PROBLEM TO WORK ON => Please print every line of the material below exactly.

GIVEN ENTRIES =>

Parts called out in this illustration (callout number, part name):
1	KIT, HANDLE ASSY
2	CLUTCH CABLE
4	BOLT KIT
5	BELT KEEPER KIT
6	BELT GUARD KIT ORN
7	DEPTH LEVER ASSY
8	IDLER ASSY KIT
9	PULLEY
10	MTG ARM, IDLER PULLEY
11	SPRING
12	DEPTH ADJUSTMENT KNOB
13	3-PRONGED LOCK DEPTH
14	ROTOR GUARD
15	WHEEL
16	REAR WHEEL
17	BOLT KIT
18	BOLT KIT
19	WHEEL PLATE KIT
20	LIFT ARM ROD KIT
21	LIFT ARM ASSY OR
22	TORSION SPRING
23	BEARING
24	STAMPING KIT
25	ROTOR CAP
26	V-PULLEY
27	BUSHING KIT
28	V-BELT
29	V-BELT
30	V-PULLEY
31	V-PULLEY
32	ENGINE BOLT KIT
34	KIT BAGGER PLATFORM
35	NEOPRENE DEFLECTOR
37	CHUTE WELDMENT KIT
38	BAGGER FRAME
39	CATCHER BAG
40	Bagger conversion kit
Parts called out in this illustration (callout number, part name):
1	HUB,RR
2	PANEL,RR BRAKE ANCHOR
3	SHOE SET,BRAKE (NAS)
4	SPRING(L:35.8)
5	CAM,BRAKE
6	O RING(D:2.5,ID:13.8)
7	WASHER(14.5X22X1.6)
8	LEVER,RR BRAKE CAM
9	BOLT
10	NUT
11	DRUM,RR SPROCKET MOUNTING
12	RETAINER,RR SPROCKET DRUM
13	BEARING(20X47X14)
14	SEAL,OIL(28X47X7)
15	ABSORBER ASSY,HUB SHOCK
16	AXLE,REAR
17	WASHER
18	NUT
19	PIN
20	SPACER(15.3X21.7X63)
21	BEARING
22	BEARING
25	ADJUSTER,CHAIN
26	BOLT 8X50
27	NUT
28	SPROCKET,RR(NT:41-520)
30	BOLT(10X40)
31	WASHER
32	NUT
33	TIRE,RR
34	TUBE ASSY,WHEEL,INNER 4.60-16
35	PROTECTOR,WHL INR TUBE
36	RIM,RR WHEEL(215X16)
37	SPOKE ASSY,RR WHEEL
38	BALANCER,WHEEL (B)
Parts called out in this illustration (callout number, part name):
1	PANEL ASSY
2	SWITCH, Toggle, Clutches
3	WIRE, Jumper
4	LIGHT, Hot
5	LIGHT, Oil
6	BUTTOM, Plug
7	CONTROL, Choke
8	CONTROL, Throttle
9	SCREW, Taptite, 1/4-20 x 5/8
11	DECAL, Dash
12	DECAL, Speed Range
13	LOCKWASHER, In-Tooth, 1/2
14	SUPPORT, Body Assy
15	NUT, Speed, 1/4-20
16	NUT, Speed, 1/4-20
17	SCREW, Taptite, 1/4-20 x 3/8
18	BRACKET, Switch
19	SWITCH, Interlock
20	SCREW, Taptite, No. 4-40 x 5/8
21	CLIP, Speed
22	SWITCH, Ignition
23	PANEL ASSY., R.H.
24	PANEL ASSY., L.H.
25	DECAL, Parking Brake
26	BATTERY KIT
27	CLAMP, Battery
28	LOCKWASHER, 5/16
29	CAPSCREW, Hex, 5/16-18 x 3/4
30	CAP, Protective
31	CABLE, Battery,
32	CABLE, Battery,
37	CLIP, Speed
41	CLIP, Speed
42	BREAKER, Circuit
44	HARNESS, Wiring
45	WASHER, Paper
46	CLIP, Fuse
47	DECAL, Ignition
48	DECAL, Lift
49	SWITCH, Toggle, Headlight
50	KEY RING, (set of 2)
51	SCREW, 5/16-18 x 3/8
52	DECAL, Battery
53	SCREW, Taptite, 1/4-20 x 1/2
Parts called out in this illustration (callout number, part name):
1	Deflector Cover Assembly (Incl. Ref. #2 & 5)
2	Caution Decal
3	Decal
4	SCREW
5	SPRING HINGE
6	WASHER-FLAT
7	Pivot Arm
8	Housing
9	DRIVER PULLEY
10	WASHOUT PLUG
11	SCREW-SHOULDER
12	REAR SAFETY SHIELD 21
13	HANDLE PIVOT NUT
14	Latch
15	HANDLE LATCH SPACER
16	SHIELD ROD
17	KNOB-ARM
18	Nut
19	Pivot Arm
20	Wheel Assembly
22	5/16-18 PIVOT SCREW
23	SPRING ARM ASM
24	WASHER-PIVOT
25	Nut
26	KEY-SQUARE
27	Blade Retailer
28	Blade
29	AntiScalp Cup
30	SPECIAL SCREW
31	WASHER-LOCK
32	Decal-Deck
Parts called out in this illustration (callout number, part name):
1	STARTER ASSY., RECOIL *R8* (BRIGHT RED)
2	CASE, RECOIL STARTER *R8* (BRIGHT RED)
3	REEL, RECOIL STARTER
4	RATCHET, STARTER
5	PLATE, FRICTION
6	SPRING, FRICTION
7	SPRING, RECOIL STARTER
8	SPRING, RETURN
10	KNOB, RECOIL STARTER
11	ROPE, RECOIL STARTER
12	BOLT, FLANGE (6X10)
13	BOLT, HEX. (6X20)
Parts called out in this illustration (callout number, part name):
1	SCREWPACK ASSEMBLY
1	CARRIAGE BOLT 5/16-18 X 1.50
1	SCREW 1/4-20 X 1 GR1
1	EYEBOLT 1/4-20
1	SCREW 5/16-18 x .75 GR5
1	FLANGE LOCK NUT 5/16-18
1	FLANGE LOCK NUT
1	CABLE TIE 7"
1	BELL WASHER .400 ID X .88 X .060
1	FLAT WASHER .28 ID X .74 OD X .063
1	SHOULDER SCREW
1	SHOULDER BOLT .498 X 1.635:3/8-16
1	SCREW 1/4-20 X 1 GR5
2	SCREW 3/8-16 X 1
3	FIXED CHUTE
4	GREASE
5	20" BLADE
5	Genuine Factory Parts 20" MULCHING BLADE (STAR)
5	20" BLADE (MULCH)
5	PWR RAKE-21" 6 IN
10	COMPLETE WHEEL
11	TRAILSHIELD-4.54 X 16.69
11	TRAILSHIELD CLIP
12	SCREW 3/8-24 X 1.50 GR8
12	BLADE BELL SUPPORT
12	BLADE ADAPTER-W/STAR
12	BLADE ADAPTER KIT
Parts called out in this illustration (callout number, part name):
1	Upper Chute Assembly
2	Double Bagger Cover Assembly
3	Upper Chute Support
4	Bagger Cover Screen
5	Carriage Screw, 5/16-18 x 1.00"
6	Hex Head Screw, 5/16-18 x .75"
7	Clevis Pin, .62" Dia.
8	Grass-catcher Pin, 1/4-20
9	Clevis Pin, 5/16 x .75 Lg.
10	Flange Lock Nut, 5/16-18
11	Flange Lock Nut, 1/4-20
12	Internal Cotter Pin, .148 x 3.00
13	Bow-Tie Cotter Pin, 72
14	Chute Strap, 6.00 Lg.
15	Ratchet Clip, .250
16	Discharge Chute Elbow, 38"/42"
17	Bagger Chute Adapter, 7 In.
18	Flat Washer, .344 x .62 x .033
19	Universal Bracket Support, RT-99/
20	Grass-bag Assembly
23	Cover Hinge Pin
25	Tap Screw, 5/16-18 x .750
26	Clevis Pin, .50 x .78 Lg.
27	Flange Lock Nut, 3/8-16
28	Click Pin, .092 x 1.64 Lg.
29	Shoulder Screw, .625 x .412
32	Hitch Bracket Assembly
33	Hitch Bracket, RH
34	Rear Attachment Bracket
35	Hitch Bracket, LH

TASK OUTPUT =>
Parts called out in this illustration (callout number, part name):
1	KIT, HANDLE ASSY
2	CLUTCH CABLE
4	BOLT KIT
5	BELT KEEPER KIT
6	BELT GUARD KIT ORN
7	DEPTH LEVER ASSY
8	IDLER ASSY KIT
9	PULLEY
10	MTG ARM, IDLER PULLEY
11	SPRING
12	DEPTH ADJUSTMENT KNOB
13	3-PRONGED LOCK DEPTH
14	ROTOR GUARD
15	WHEEL
16	REAR WHEEL
17	BOLT KIT
18	BOLT KIT
19	WHEEL PLATE KIT
20	LIFT ARM ROD KIT
21	LIFT ARM ASSY OR
22	TORSION SPRING
23	BEARING
24	STAMPING KIT
25	ROTOR CAP
26	V-PULLEY
27	BUSHING KIT
28	V-BELT
29	V-BELT
30	V-PULLEY
31	V-PULLEY
32	ENGINE BOLT KIT
34	KIT BAGGER PLATFORM
35	NEOPRENE DEFLECTOR
37	CHUTE WELDMENT KIT
38	BAGGER FRAME
39	CATCHER BAG
40	Bagger conversion kit
Parts called out in this illustration (callout number, part name):
1	HUB,RR
2	PANEL,RR BRAKE ANCHOR
3	SHOE SET,BRAKE (NAS)
4	SPRING(L:35.8)
5	CAM,BRAKE
6	O RING(D:2.5,ID:13.8)
7	WASHER(14.5X22X1.6)
8	LEVER,RR BRAKE CAM
9	BOLT
10	NUT
11	DRUM,RR SPROCKET MOUNTING
12	RETAINER,RR SPROCKET DRUM
13	BEARING(20X47X14)
14	SEAL,OIL(28X47X7)
15	ABSORBER ASSY,HUB SHOCK
16	AXLE,REAR
17	WASHER
18	NUT
19	PIN
20	SPACER(15.3X21.7X63)
21	BEARING
22	BEARING
25	ADJUSTER,CHAIN
26	BOLT 8X50
27	NUT
28	SPROCKET,RR(NT:41-520)
30	BOLT(10X40)
31	WASHER
32	NUT
33	TIRE,RR
34	TUBE ASSY,WHEEL,INNER 4.60-16
35	PROTECTOR,WHL INR TUBE
36	RIM,RR WHEEL(215X16)
37	SPOKE ASSY,RR WHEEL
38	BALANCER,WHEEL (B)
Parts called out in this illustration (callout number, part name):
1	PANEL ASSY
2	SWITCH, Toggle, Clutches
3	WIRE, Jumper
4	LIGHT, Hot
5	LIGHT, Oil
6	BUTTOM, Plug
7	CONTROL, Choke
8	CONTROL, Throttle
9	SCREW, Taptite, 1/4-20 x 5/8
11	DECAL, Dash
12	DECAL, Speed Range
13	LOCKWASHER, In-Tooth, 1/2
14	SUPPORT, Body Assy
15	NUT, Speed, 1/4-20
16	NUT, Speed, 1/4-20
17	SCREW, Taptite, 1/4-20 x 3/8
18	BRACKET, Switch
19	SWITCH, Interlock
20	SCREW, Taptite, No. 4-40 x 5/8
21	CLIP, Speed
22	SWITCH, Ignition
23	PANEL ASSY., R.H.
24	PANEL ASSY., L.H.
25	DECAL, Parking Brake
26	BATTERY KIT
27	CLAMP, Battery
28	LOCKWASHER, 5/16
29	CAPSCREW, Hex, 5/16-18 x 3/4
30	CAP, Protective
31	CABLE, Battery,
32	CABLE, Battery,
37	CLIP, Speed
41	CLIP, Speed
42	BREAKER, Circuit
44	HARNESS, Wiring
45	WASHER, Paper
46	CLIP, Fuse
47	DECAL, Ignition
48	DECAL, Lift
49	SWITCH, Toggle, Headlight
50	KEY RING, (set of 2)
51	SCREW, 5/16-18 x 3/8
52	DECAL, Battery
53	SCREW, Taptite, 1/4-20 x 1/2
Parts called out in this illustration (callout number, part name):
1	Deflector Cover Assembly (Incl. Ref. #2 & 5)
2	Caution Decal
3	Decal
4	SCREW
5	SPRING HINGE
6	WASHER-FLAT
7	Pivot Arm
8	Housing
9	DRIVER PULLEY
10	WASHOUT PLUG
11	SCREW-SHOULDER
12	REAR SAFETY SHIELD 21
13	HANDLE PIVOT NUT
14	Latch
15	HANDLE LATCH SPACER
16	SHIELD ROD
17	KNOB-ARM
18	Nut
19	Pivot Arm
20	Wheel Assembly
22	5/16-18 PIVOT SCREW
23	SPRING ARM ASM
24	WASHER-PIVOT
25	Nut
26	KEY-SQUARE
27	Blade Retailer
28	Blade
29	AntiScalp Cup
30	SPECIAL SCREW
31	WASHER-LOCK
32	Decal-Deck
Parts called out in this illustration (callout number, part name):
1	STARTER ASSY., RECOIL *R8* (BRIGHT RED)
2	CASE, RECOIL STARTER *R8* (BRIGHT RED)
3	REEL, RECOIL STARTER
4	RATCHET, STARTER
5	PLATE, FRICTION
6	SPRING, FRICTION
7	SPRING, RECOIL STARTER
8	SPRING, RETURN
10	KNOB, RECOIL STARTER
11	ROPE, RECOIL STARTER
12	BOLT, FLANGE (6X10)
13	BOLT, HEX. (6X20)
Parts called out in this illustration (callout number, part name):
1	SCREWPACK ASSEMBLY
1	CARRIAGE BOLT 5/16-18 X 1.50
1	SCREW 1/4-20 X 1 GR1
1	EYEBOLT 1/4-20
1	SCREW 5/16-18 x .75 GR5
1	FLANGE LOCK NUT 5/16-18
1	FLANGE LOCK NUT
1	CABLE TIE 7"
1	BELL WASHER .400 ID X .88 X .060
1	FLAT WASHER .28 ID X .74 OD X .063
1	SHOULDER SCREW
1	SHOULDER BOLT .498 X 1.635:3/8-16
1	SCREW 1/4-20 X 1 GR5
2	SCREW 3/8-16 X 1
3	FIXED CHUTE
4	GREASE
5	20" BLADE
5	Genuine Factory Parts 20" MULCHING BLADE (STAR)
5	20" BLADE (MULCH)
5	PWR RAKE-21" 6 IN
10	COMPLETE WHEEL
11	TRAILSHIELD-4.54 X 16.69
11	TRAILSHIELD CLIP
12	SCREW 3/8-24 X 1.50 GR8
12	BLADE BELL SUPPORT
12	BLADE ADAPTER-W/STAR
12	BLADE ADAPTER KIT
Parts called out in this illustration (callout number, part name):
1	Upper Chute Assembly
2	Double Bagger Cover Assembly
3	Upper Chute Support
4	Bagger Cover Screen
5	Carriage Screw, 5/16-18 x 1.00"
6	Hex Head Screw, 5/16-18 x .75"
7	Clevis Pin, .62" Dia.
8	Grass-catcher Pin, 1/4-20
9	Clevis Pin, 5/16 x .75 Lg.
10	Flange Lock Nut, 5/16-18
11	Flange Lock Nut, 1/4-20
12	Internal Cotter Pin, .148 x 3.00
13	Bow-Tie Cotter Pin, 72
14	Chute Strap, 6.00 Lg.
15	Ratchet Clip, .250
16	Discharge Chute Elbow, 38"/42"
17	Bagger Chute Adapter, 7 In.
18	Flat Washer, .344 x .62 x .033
19	Universal Bracket Support, RT-99/
20	Grass-bag Assembly
23	Cover Hinge Pin
25	Tap Screw, 5/16-18 x .750
26	Clevis Pin, .50 x .78 Lg.
27	Flange Lock Nut, 3/8-16
28	Click Pin, .092 x 1.64 Lg.
29	Shoulder Screw, .625 x .412
32	Hitch Bracket Assembly
33	Hitch Bracket, RH
34	Rear Attachment Bracket
35	Hitch Bracket, LH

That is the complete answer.